TASK GOAL:
Retype the listing found below exactly, but leave out each picture.

RECORDED DATA:
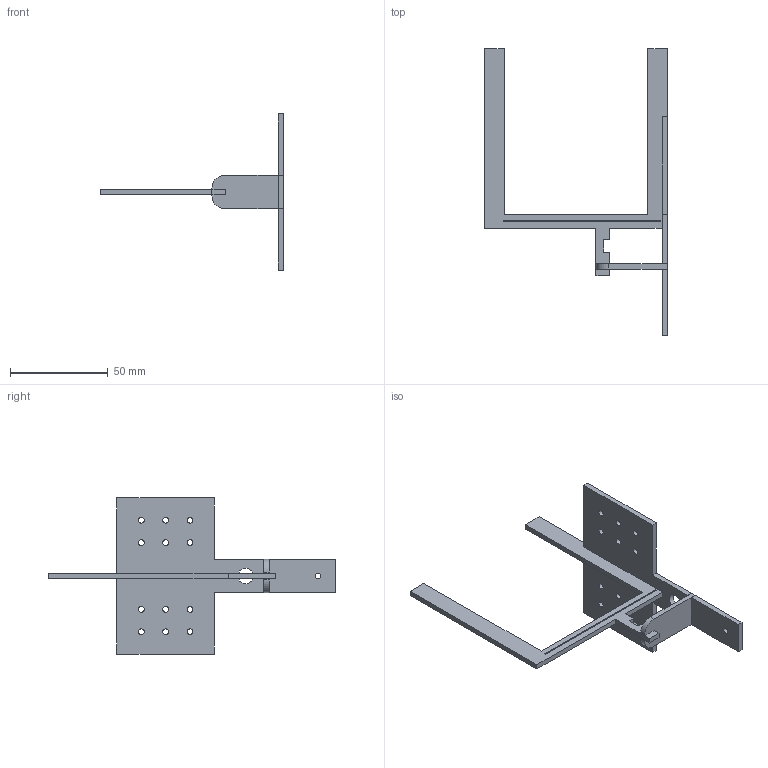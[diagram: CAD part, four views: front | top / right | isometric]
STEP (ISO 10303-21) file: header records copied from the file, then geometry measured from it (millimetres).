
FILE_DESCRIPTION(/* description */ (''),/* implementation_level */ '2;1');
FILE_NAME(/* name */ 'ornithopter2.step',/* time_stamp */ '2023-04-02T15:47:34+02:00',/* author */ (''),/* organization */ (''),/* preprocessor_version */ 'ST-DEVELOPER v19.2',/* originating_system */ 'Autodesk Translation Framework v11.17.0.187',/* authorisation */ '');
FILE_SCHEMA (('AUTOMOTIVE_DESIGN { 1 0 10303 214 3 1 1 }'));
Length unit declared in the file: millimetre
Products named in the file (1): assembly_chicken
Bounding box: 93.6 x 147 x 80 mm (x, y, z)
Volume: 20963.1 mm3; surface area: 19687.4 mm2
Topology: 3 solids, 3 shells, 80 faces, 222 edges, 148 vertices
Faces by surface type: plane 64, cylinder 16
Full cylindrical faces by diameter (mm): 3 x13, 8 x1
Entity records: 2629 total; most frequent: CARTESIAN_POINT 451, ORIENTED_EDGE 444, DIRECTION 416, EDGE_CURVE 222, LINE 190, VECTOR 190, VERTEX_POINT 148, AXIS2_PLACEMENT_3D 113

COMPLETED EXERCISE:
[diagram: CAD part, four views: front | top / right | isometric]
STEP (ISO 10303-21) file: header records copied from the file, then geometry measured from it (millimetres).
FILE_DESCRIPTION(/* description */ (''),/* implementation_level */ '2;1');
FILE_NAME(/* name */ 'ornithopter2.step',/* time_stamp */ '2023-04-02T15:47:34+02:00',/* author */ (''),/* organization */ (''),/* preprocessor_version */ 'ST-DEVELOPER v19.2',/* originating_system */ 'Autodesk Translation Framework v11.17.0.187',/* authorisation */ '');
FILE_SCHEMA (('AUTOMOTIVE_DESIGN { 1 0 10303 214 3 1 1 }'));
Length unit declared in the file: millimetre
Products named in the file (1): assembly_chicken
Bounding box: 93.6 x 147 x 80 mm (x, y, z)
Volume: 20963.1 mm3; surface area: 19687.4 mm2
Topology: 3 solids, 3 shells, 80 faces, 222 edges, 148 vertices
Faces by surface type: plane 64, cylinder 16
Full cylindrical faces by diameter (mm): 3 x13, 8 x1
Entity records: 2629 total; most frequent: CARTESIAN_POINT 451, ORIENTED_EDGE 444, DIRECTION 416, EDGE_CURVE 222, LINE 190, VECTOR 190, VERTEX_POINT 148, AXIS2_PLACEMENT_3D 113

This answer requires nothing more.